### Action item
The answer must be every line below that contains the string "cylindrical".

### Information supplied
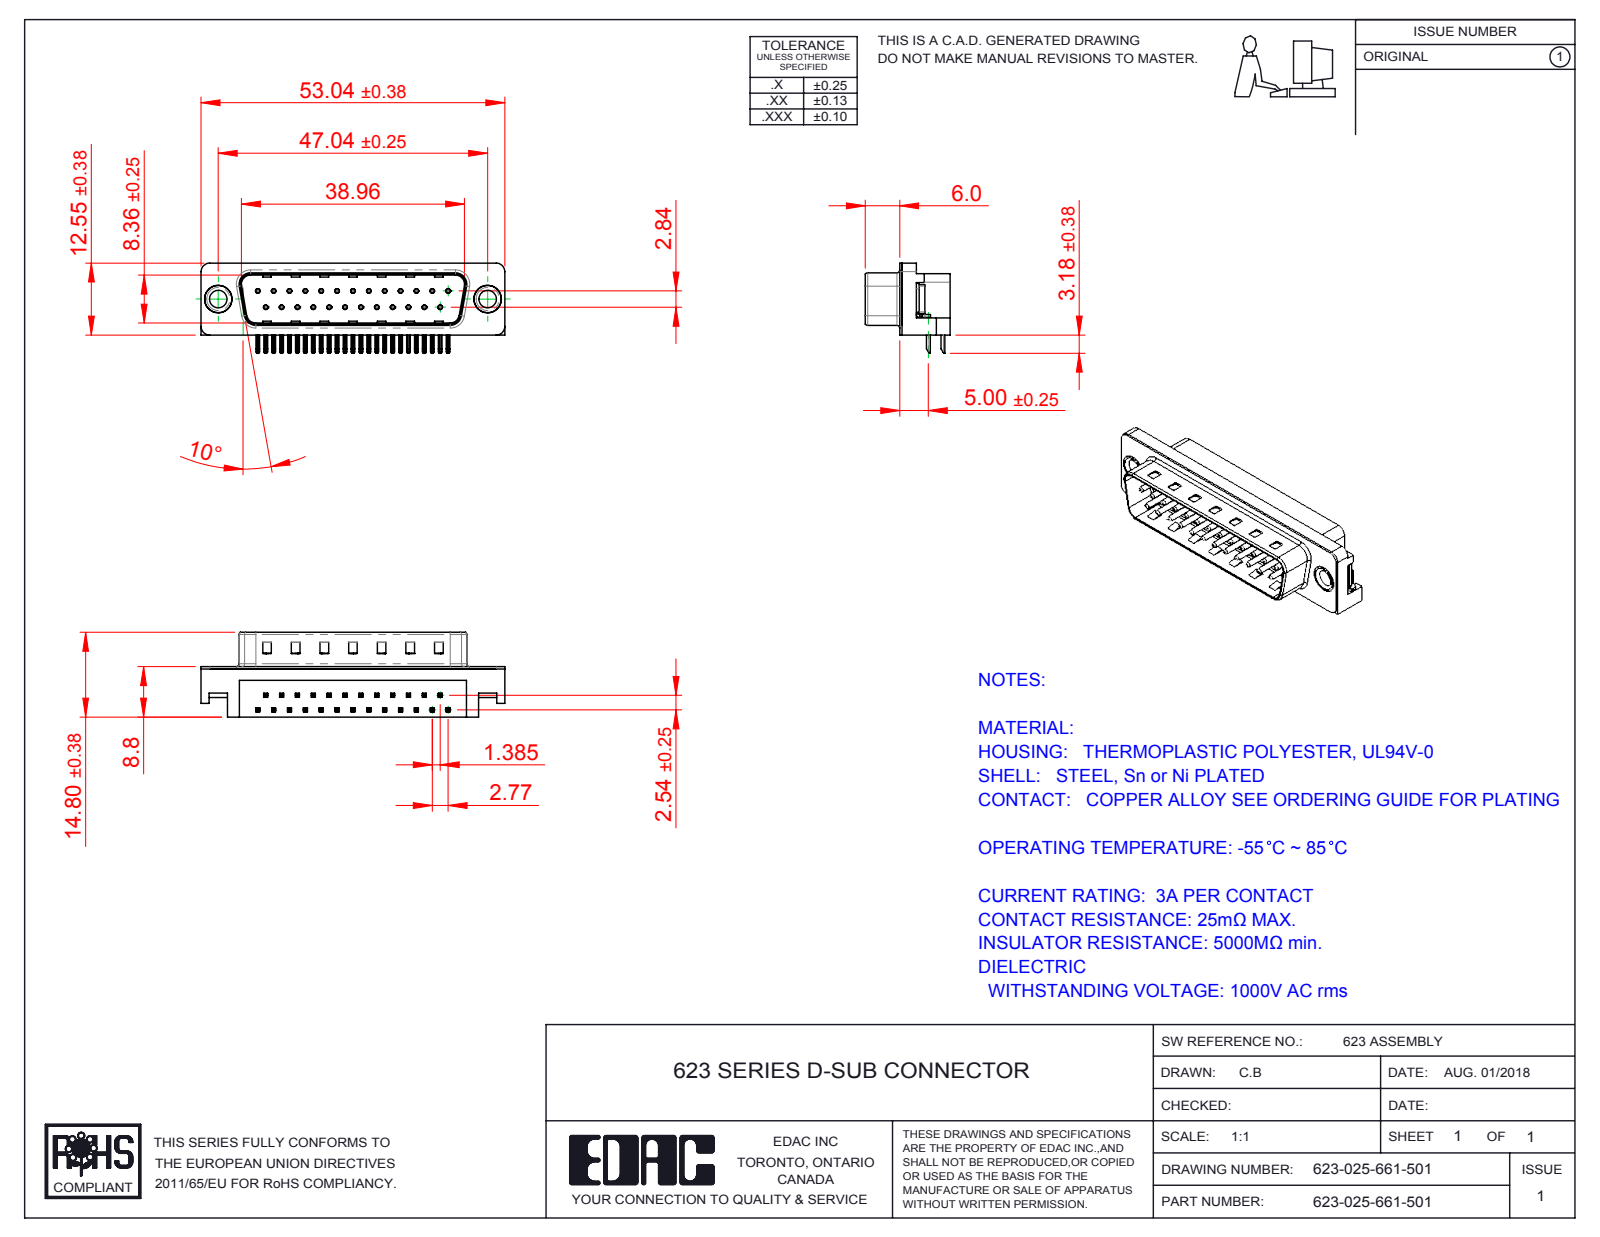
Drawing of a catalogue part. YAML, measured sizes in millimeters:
part_name: "623 Thru Hole Rivet; 623 Housing_25 Socket; 623 Non Board Mount; 623 Contact Bottom (+3 more)"
step_written_by: "SolidWorks 2016 (CONFIG_CONTROL_DESIGN)"
units: millimeters
bodies: {solids: 31, faces: 2213, planar: 1405, cylindrical: 631, other: 177}
overall_size: [53.04, 15.73, 14.8]
volume: 4712
surface_area: 6693
round_holes:
  - {diameter: 0.35, count: 25}
  - {diameter: 0.8, count: 25}
  - {diameter: 3.05, count: 2}
  - {diameter: 4, count: 2}
  - {diameter: 4.8, count: 2}
  - {diameter: 5, count: 2}
round_bosses_or_shafts:
  - {diameter: 0.75, count: 25}
  - {diameter: 4.9, count: 2}
  - {diameter: 4.75, count: 2}
  - {diameter: 3.85, count: 2}
partial_cylinders:
  - {radius: 0.25, count: 108}
  - {radius: 0.12, count: 50}
  - {radius: 1, count: 16}
  - {radius: 0.5, count: 9}
  - {radius: 1.5, count: 7}
  - {radius: 0.9, count: 4}
  - {radius: 1.6, count: 4}
  - {radius: 2, count: 4}
face_to_face_distances: [0.4, 8.4, 2.1, 1.7, 8.76, 10.46, 10.86, 10.35, 8.8, 5.9]
hole_center_spacings: [3.16, 2.77, 11.08, 5.54, 8.31, 5.03, 13.85, 7.48]
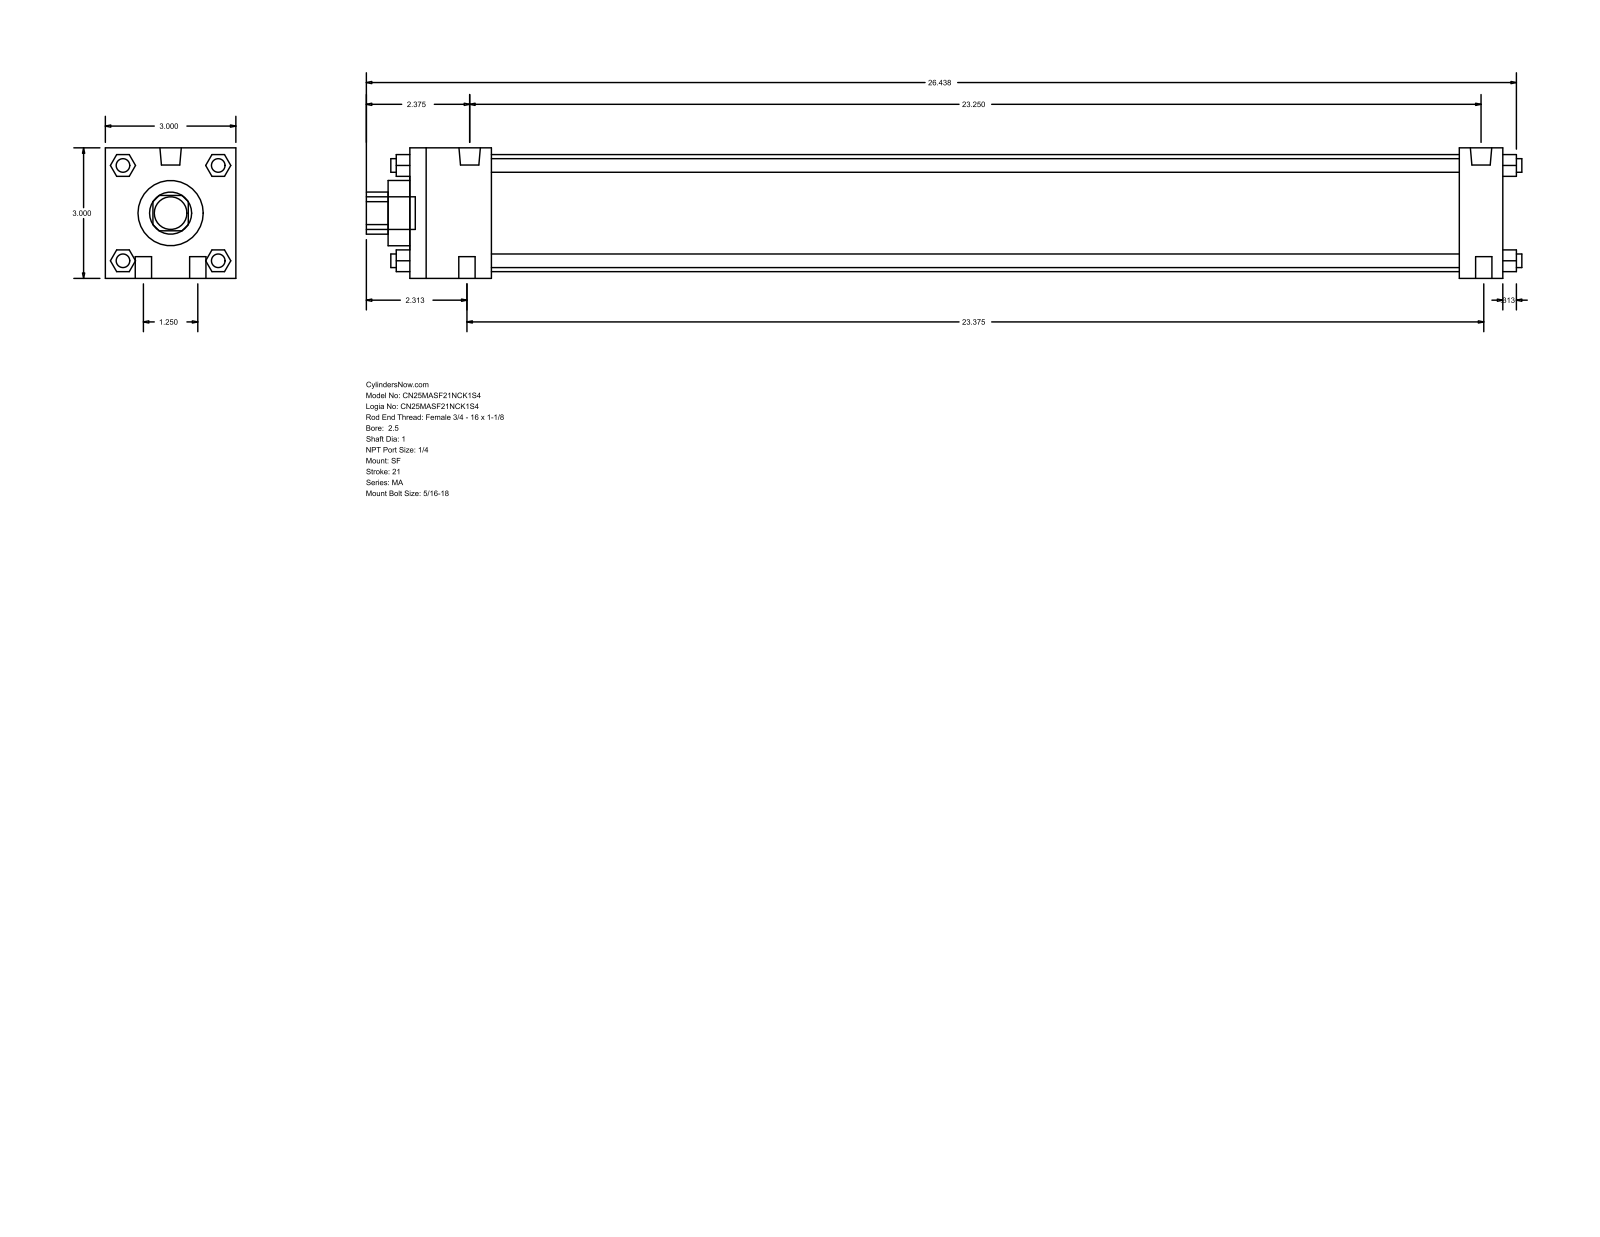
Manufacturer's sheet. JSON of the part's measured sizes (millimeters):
{"part_name": "MA_SF__0250_1", "step_written_by": "GSSL Pune (CONFIG_CONTROL_DESIGN)", "units": "millimeters", "bodies": {"solids": 0, "faces": 124, "planar": 94, "cylindrical": 30, "other": 0}, "overall_size": [674.69, 76.2, 76.2], "round_holes": [[25.4, 1], [38.1, 1], [68.33, 1]], "round_bosses_or_shafts": [[7.94, 6], [9.53, 4], [12.49, 2], [19.05, 1]], "partial_cylinders_radius": [[12.29, 1]], "face_to_face_distances": [76.2, 638.18, 12.7, 612.77, 25.41, 47.63, 565.14, 590.55, 27.81, 48.17]}

### Written solution
bodies: {solids: 31, faces: 2213, planar: 1405, cylindrical: 631, other: 177}
{"part_name": "MA_SF__0250_1", "step_written_by": "GSSL Pune (CONFIG_CONTROL_DESIGN)", "units": "millimeters", "bodies": {"solids": 0, "faces": 124, "planar": 94, "cylindrical": 30, "other": 0}, "overall_size": [674.69, 76.2, 76.2], "round_holes": [[25.4, 1], [38.1, 1], [68.33, 1]], "round_bosses_or_shafts": [[7.94, 6], [9.53, 4], [12.49, 2], [19.05, 1]], "partial_cylinders_radius": [[12.29, 1]], "face_to_face_distances": [76.2, 638.18, 12.7, 612.77, 25.41, 47.63, 565.14, 590.55, 27.81, 48.17]}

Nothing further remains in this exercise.